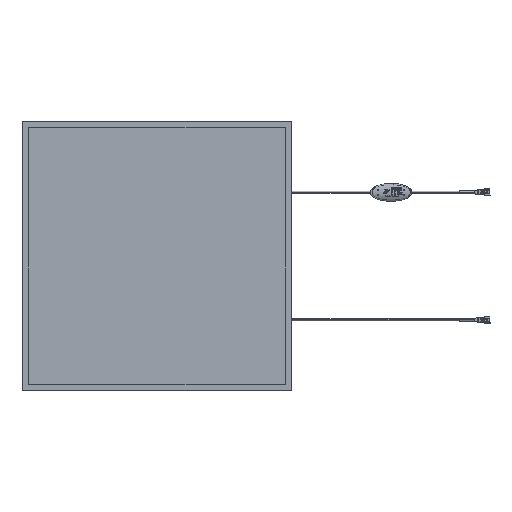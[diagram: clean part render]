
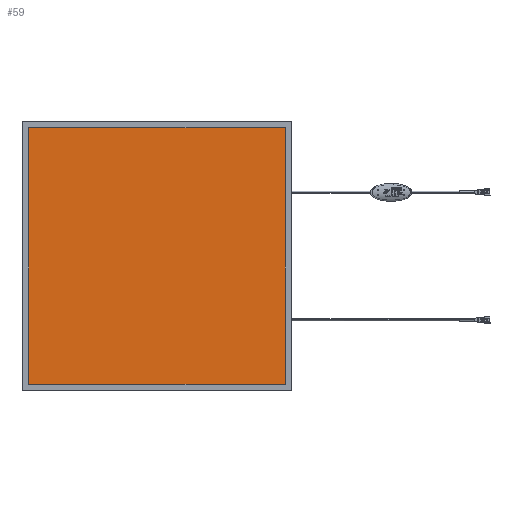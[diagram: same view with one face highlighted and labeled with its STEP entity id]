
A CAD part, top view. The second image highlights one B-rep face of the part: STEP entity #59.
In plain terms, the highlighted planar face has unit normal (0, 0, 1).
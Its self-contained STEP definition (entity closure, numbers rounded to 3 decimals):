
#20=CARTESIAN_POINT('',(566.702,366.702,34.5));
#21=DIRECTION('',(1.,0.,0.));
#22=DIRECTION('',(0.,0.,1.));
#23=AXIS2_PLACEMENT_3D('',#20,#22,#21);
#24=PLANE('',#23);
#25=CARTESIAN_POINT('',(769.702,569.702,34.5));
#26=VERTEX_POINT('',#25);
#27=CARTESIAN_POINT('',(769.702,163.702,34.5));
#28=VERTEX_POINT('',#27);
#29=CARTESIAN_POINT('',(769.702,569.702,34.5));
#30=DIRECTION('',(0.,-1.,0.));
#31=VECTOR('',#30,406.);
#32=LINE('',#29,#31);
#33=EDGE_CURVE('',#26,#28,#32,.T.);
#34=ORIENTED_EDGE('',*,*,#33,.F.);
#35=CARTESIAN_POINT('',(363.702,569.702,34.5));
#36=VERTEX_POINT('',#35);
#37=CARTESIAN_POINT('',(363.702,569.702,34.5));
#38=DIRECTION('',(1.,0.,0.));
#39=VECTOR('',#38,406.);
#40=LINE('',#37,#39);
#41=EDGE_CURVE('',#36,#26,#40,.T.);
#42=ORIENTED_EDGE('',*,*,#41,.F.);
#43=CARTESIAN_POINT('',(363.702,163.702,34.5));
#44=VERTEX_POINT('',#43);
#45=CARTESIAN_POINT('',(363.702,163.702,34.5));
#46=DIRECTION('',(0.,1.,0.));
#47=VECTOR('',#46,406.);
#48=LINE('',#45,#47);
#49=EDGE_CURVE('',#44,#36,#48,.T.);
#50=ORIENTED_EDGE('',*,*,#49,.F.);
#51=CARTESIAN_POINT('',(769.702,163.702,34.5));
#52=DIRECTION('',(-1.,0.,0.));
#53=VECTOR('',#52,406.);
#54=LINE('',#51,#53);
#55=EDGE_CURVE('',#28,#44,#54,.T.);
#56=ORIENTED_EDGE('',*,*,#55,.F.);
#57=EDGE_LOOP('',(#34,#42,#50,#56));
#58=FACE_OUTER_BOUND('',#57,.T.);
#59=ADVANCED_FACE('',(#58),#24,.T.);
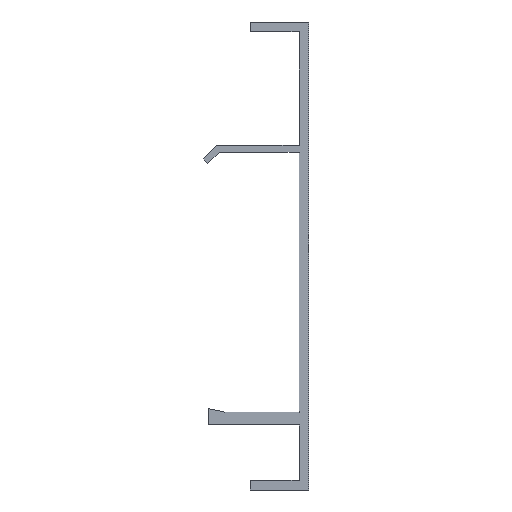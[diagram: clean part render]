
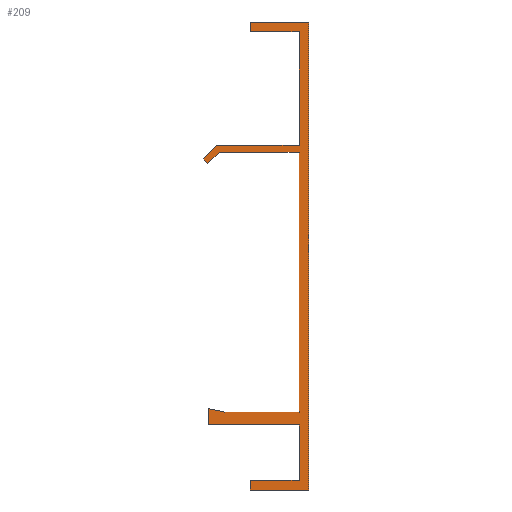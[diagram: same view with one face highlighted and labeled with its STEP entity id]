
A CAD part, left-side view. The second image highlights one B-rep face of the part: STEP entity #209.
In plain terms, the highlighted planar face has unit normal (-1, 0, 0).
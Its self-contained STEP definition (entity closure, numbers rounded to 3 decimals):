
#209=ADVANCED_FACE('',(#417),#418,.T.);
#417=FACE_OUTER_BOUND('',#617,.T.);
#418=PLANE('',#618);
#617=EDGE_LOOP('',(#1164,#1165,#1166,#1167,#1168,#1169,#1170,#1171,#1172,#1173,#1174,#1175,#1176,#1177,#1178,#1179,#1180,#1181,#1182,#1183,#1184,#1185,#1186));
#618=AXIS2_PLACEMENT_3D('',#1187,#1188,#1189);
#1164=ORIENTED_EDGE('',*,*,#1442,.T.);
#1165=ORIENTED_EDGE('',*,*,#1438,.T.);
#1166=ORIENTED_EDGE('',*,*,#1434,.T.);
#1167=ORIENTED_EDGE('',*,*,#1430,.T.);
#1168=ORIENTED_EDGE('',*,*,#1426,.T.);
#1169=ORIENTED_EDGE('',*,*,#1422,.T.);
#1170=ORIENTED_EDGE('',*,*,#1418,.T.);
#1171=ORIENTED_EDGE('',*,*,#1414,.T.);
#1172=ORIENTED_EDGE('',*,*,#1410,.T.);
#1173=ORIENTED_EDGE('',*,*,#1274,.T.);
#1174=ORIENTED_EDGE('',*,*,#1344,.T.);
#1175=ORIENTED_EDGE('',*,*,#1349,.F.);
#1176=ORIENTED_EDGE('',*,*,#1338,.F.);
#1177=ORIENTED_EDGE('',*,*,#1369,.T.);
#1178=ORIENTED_EDGE('',*,*,#1406,.T.);
#1179=ORIENTED_EDGE('',*,*,#1402,.T.);
#1180=ORIENTED_EDGE('',*,*,#1398,.T.);
#1181=ORIENTED_EDGE('',*,*,#1394,.T.);
#1182=ORIENTED_EDGE('',*,*,#1390,.T.);
#1183=ORIENTED_EDGE('',*,*,#1386,.T.);
#1184=ORIENTED_EDGE('',*,*,#1382,.T.);
#1185=ORIENTED_EDGE('',*,*,#1378,.T.);
#1186=ORIENTED_EDGE('',*,*,#1374,.T.);
#1187=CARTESIAN_POINT('',(0.0,3.619,-36.921));
#1188=DIRECTION('',(-1.0,0.,0.));
#1189=DIRECTION('',(0.,0.,-1.0));
#1274=EDGE_CURVE('',#1542,#1540,#1543,.T.);
#1338=EDGE_CURVE('',#1634,#1637,#1638,.T.);
#1344=EDGE_CURVE('',#1540,#1645,#1647,.T.);
#1349=EDGE_CURVE('',#1637,#1645,#1654,.T.);
#1369=EDGE_CURVE('',#1634,#1677,#1679,.T.);
#1374=EDGE_CURVE('',#1687,#1685,#1688,.T.);
#1378=EDGE_CURVE('',#1693,#1687,#1694,.T.);
#1382=EDGE_CURVE('',#1699,#1693,#1700,.T.);
#1386=EDGE_CURVE('',#1705,#1699,#1706,.T.);
#1390=EDGE_CURVE('',#1711,#1705,#1712,.T.);
#1394=EDGE_CURVE('',#1717,#1711,#1718,.T.);
#1398=EDGE_CURVE('',#1723,#1717,#1724,.T.);
#1402=EDGE_CURVE('',#1729,#1723,#1730,.T.);
#1406=EDGE_CURVE('',#1677,#1729,#1734,.T.);
#1410=EDGE_CURVE('',#1739,#1542,#1740,.T.);
#1414=EDGE_CURVE('',#1745,#1739,#1746,.T.);
#1418=EDGE_CURVE('',#1751,#1745,#1752,.T.);
#1422=EDGE_CURVE('',#1757,#1751,#1758,.T.);
#1426=EDGE_CURVE('',#1763,#1757,#1764,.T.);
#1430=EDGE_CURVE('',#1769,#1763,#1770,.T.);
#1434=EDGE_CURVE('',#1775,#1769,#1776,.T.);
#1438=EDGE_CURVE('',#1781,#1775,#1782,.T.);
#1442=EDGE_CURVE('',#1685,#1781,#1786,.T.);
#1540=VERTEX_POINT('',#1916);
#1542=VERTEX_POINT('',#1918);
#1543=LINE('',#1919,#1920);
#1634=VERTEX_POINT('',#2039);
#1637=VERTEX_POINT('',#2042);
#1638=LINE('',#2043,#2044);
#1645=VERTEX_POINT('',#2053);
#1647=LINE('',#2055,#2056);
#1654=LINE('',#2064,#2065);
#1677=VERTEX_POINT('',#2095);
#1679=LINE('',#2098,#2099);
#1685=VERTEX_POINT('',#2106);
#1687=VERTEX_POINT('',#2109);
#1688=LINE('',#2110,#2111);
#1693=VERTEX_POINT('',#2118);
#1694=LINE('',#2119,#2120);
#1699=VERTEX_POINT('',#2127);
#1700=LINE('',#2128,#2129);
#1705=VERTEX_POINT('',#2136);
#1706=LINE('',#2137,#2138);
#1711=VERTEX_POINT('',#2145);
#1712=LINE('',#2146,#2147);
#1717=VERTEX_POINT('',#2154);
#1718=LINE('',#2155,#2156);
#1723=VERTEX_POINT('',#2163);
#1724=LINE('',#2164,#2165);
#1729=VERTEX_POINT('',#2172);
#1730=LINE('',#2173,#2174);
#1734=LINE('',#2180,#2181);
#1739=VERTEX_POINT('',#2187);
#1740=LINE('',#2188,#2189);
#1745=VERTEX_POINT('',#2196);
#1746=LINE('',#2197,#2198);
#1751=VERTEX_POINT('',#2205);
#1752=LINE('',#2206,#2207);
#1757=VERTEX_POINT('',#2214);
#1758=LINE('',#2215,#2216);
#1763=VERTEX_POINT('',#2223);
#1764=LINE('',#2224,#2225);
#1769=VERTEX_POINT('',#2232);
#1770=LINE('',#2233,#2234);
#1775=VERTEX_POINT('',#2241);
#1776=LINE('',#2242,#2243);
#1781=VERTEX_POINT('',#2250);
#1782=LINE('',#2251,#2252);
#1786=LINE('',#2258,#2259);
#1916=CARTESIAN_POINT('',(0.0,1.5,-59.995));
#1918=CARTESIAN_POINT('',(0.0,1.5,-20.0));
#1919=CARTESIAN_POINT('',(0.0,1.5,-20.0));
#1920=VECTOR('',#2339,1.0);
#2039=CARTESIAN_POINT('',(0.0,1.5,-59.997));
#2042=CARTESIAN_POINT('',(0.0,1.505,-59.997));
#2043=CARTESIAN_POINT('',(0.0,1.5,-59.997));
#2044=VECTOR('',#2419,1.0);
#2053=CARTESIAN_POINT('',(0.0,1.505,-59.995));
#2055=CARTESIAN_POINT('',(0.0,1.5,-59.995));
#2056=VECTOR('',#2428,1.0);
#2064=CARTESIAN_POINT('',(0.0,1.505,-59.997));
#2065=VECTOR('',#2436,1.0);
#2095=CARTESIAN_POINT('',(0.0,1.5,-60.0));
#2098=CARTESIAN_POINT('',(0.0,1.5,-20.0));
#2099=VECTOR('',#2457,1.0);
#2106=CARTESIAN_POINT('',(0.0,0.,0.0));
#2109=CARTESIAN_POINT('',(0.0,0.,-72.0));
#2110=CARTESIAN_POINT('',(0.0,0.,-72.0));
#2111=VECTOR('',#2460,1.0);
#2118=CARTESIAN_POINT('',(0.0,9.,-72.0));
#2119=CARTESIAN_POINT('',(0.0,9.,-72.0));
#2120=VECTOR('',#2463,1.0);
#2127=CARTESIAN_POINT('',(0.0,9.,-70.5));
#2128=CARTESIAN_POINT('',(0.0,9.,-70.5));
#2129=VECTOR('',#2466,1.0);
#2136=CARTESIAN_POINT('',(0.0,1.5,-70.5));
#2137=CARTESIAN_POINT('',(0.0,1.5,-70.5));
#2138=VECTOR('',#2469,1.0);
#2145=CARTESIAN_POINT('',(0.0,1.5,-62.0));
#2146=CARTESIAN_POINT('',(0.0,1.5,-62.0));
#2147=VECTOR('',#2472,1.0);
#2154=CARTESIAN_POINT('',(0.0,15.5,-62.0));
#2155=CARTESIAN_POINT('',(0.0,15.5,-62.0));
#2156=VECTOR('',#2475,1.0);
#2163=CARTESIAN_POINT('',(0.0,15.5,-59.5));
#2164=CARTESIAN_POINT('',(0.0,15.5,-59.5));
#2165=VECTOR('',#2478,1.0);
#2172=CARTESIAN_POINT('',(0.0,13.,-60.0));
#2173=CARTESIAN_POINT('',(0.0,13.,-60.0));
#2174=VECTOR('',#2481,1.0);
#2180=CARTESIAN_POINT('',(0.0,1.5,-60.0));
#2181=VECTOR('',#2484,1.0);
#2187=CARTESIAN_POINT('',(0.0,13.793,-20.0));
#2188=CARTESIAN_POINT('',(0.0,13.793,-20.0));
#2189=VECTOR('',#2486,1.0);
#2196=CARTESIAN_POINT('',(0.0,15.561,-21.768));
#2197=CARTESIAN_POINT('',(0.0,15.561,-21.768));
#2198=VECTOR('',#2489,1.0);
#2205=CARTESIAN_POINT('',(0.0,16.268,-21.061));
#2206=CARTESIAN_POINT('',(0.0,16.268,-21.061));
#2207=VECTOR('',#2492,1.);
#2214=CARTESIAN_POINT('',(0.0,14.207,-19.0));
#2215=CARTESIAN_POINT('',(0.0,14.207,-19.0));
#2216=VECTOR('',#2495,1.);
#2223=CARTESIAN_POINT('',(0.0,1.5,-19.0));
#2224=CARTESIAN_POINT('',(0.0,1.5,-19.0));
#2225=VECTOR('',#2498,1.0);
#2232=CARTESIAN_POINT('',(0.0,1.5,-1.5));
#2233=CARTESIAN_POINT('',(0.0,1.5,-1.5));
#2234=VECTOR('',#2501,1.0);
#2241=CARTESIAN_POINT('',(0.0,9.,-1.5));
#2242=CARTESIAN_POINT('',(0.0,9.,-1.5));
#2243=VECTOR('',#2504,1.0);
#2250=CARTESIAN_POINT('',(0.0,9.,0.0));
#2251=CARTESIAN_POINT('',(0.0,9.,0.0));
#2252=VECTOR('',#2507,1.0);
#2258=CARTESIAN_POINT('',(0.0,0.,0.0));
#2259=VECTOR('',#2510,1.0);
#2339=DIRECTION('',(0.,0.0,-1.0));
#2419=DIRECTION('',(0.,1.0,0.));
#2428=DIRECTION('',(0.,1.0,0.));
#2436=DIRECTION('',(0.,0.,1.0));
#2457=DIRECTION('',(0.,0.0,-1.0));
#2460=DIRECTION('',(0.,0.0,1.0));
#2463=DIRECTION('',(0.,-1.0,0.0));
#2466=DIRECTION('',(0.,0.0,-1.0));
#2469=DIRECTION('',(0.,1.0,0.0));
#2472=DIRECTION('',(0.,0.0,-1.0));
#2475=DIRECTION('',(0.,-1.0,0.0));
#2478=DIRECTION('',(0.,0.0,-1.0));
#2481=DIRECTION('',(0.,0.981,0.196));
#2484=DIRECTION('',(0.,1.0,0.0));
#2486=DIRECTION('',(0.,-1.0,0.0));
#2489=DIRECTION('',(0.,-0.707,0.707));
#2492=DIRECTION('',(0.,-0.707,-0.707));
#2495=DIRECTION('',(0.,0.707,-0.707));
#2498=DIRECTION('',(0.,1.0,0.0));
#2501=DIRECTION('',(0.,0.0,-1.0));
#2504=DIRECTION('',(0.,-1.0,0.0));
#2507=DIRECTION('',(0.,0.0,-1.0));
#2510=DIRECTION('',(0.,1.0,0.0));

▸ **THE TASK**: Please give back exactly the lines of the listing above that run from the one containing "#1165=ORIENTED_EDGE('',*,*,#1438,.T.);" through the one containing "#1274=EDGE_CURVE('',#1542,#1540,#1543,.T.);", and only those.

▸ **SOLUTION**:
#1165=ORIENTED_EDGE('',*,*,#1438,.T.);
#1166=ORIENTED_EDGE('',*,*,#1434,.T.);
#1167=ORIENTED_EDGE('',*,*,#1430,.T.);
#1168=ORIENTED_EDGE('',*,*,#1426,.T.);
#1169=ORIENTED_EDGE('',*,*,#1422,.T.);
#1170=ORIENTED_EDGE('',*,*,#1418,.T.);
#1171=ORIENTED_EDGE('',*,*,#1414,.T.);
#1172=ORIENTED_EDGE('',*,*,#1410,.T.);
#1173=ORIENTED_EDGE('',*,*,#1274,.T.);
#1174=ORIENTED_EDGE('',*,*,#1344,.T.);
#1175=ORIENTED_EDGE('',*,*,#1349,.F.);
#1176=ORIENTED_EDGE('',*,*,#1338,.F.);
#1177=ORIENTED_EDGE('',*,*,#1369,.T.);
#1178=ORIENTED_EDGE('',*,*,#1406,.T.);
#1179=ORIENTED_EDGE('',*,*,#1402,.T.);
#1180=ORIENTED_EDGE('',*,*,#1398,.T.);
#1181=ORIENTED_EDGE('',*,*,#1394,.T.);
#1182=ORIENTED_EDGE('',*,*,#1390,.T.);
#1183=ORIENTED_EDGE('',*,*,#1386,.T.);
#1184=ORIENTED_EDGE('',*,*,#1382,.T.);
#1185=ORIENTED_EDGE('',*,*,#1378,.T.);
#1186=ORIENTED_EDGE('',*,*,#1374,.T.);
#1187=CARTESIAN_POINT('',(0.0,3.619,-36.921));
#1188=DIRECTION('',(-1.0,0.,0.));
#1189=DIRECTION('',(0.,0.,-1.0));
#1274=EDGE_CURVE('',#1542,#1540,#1543,.T.);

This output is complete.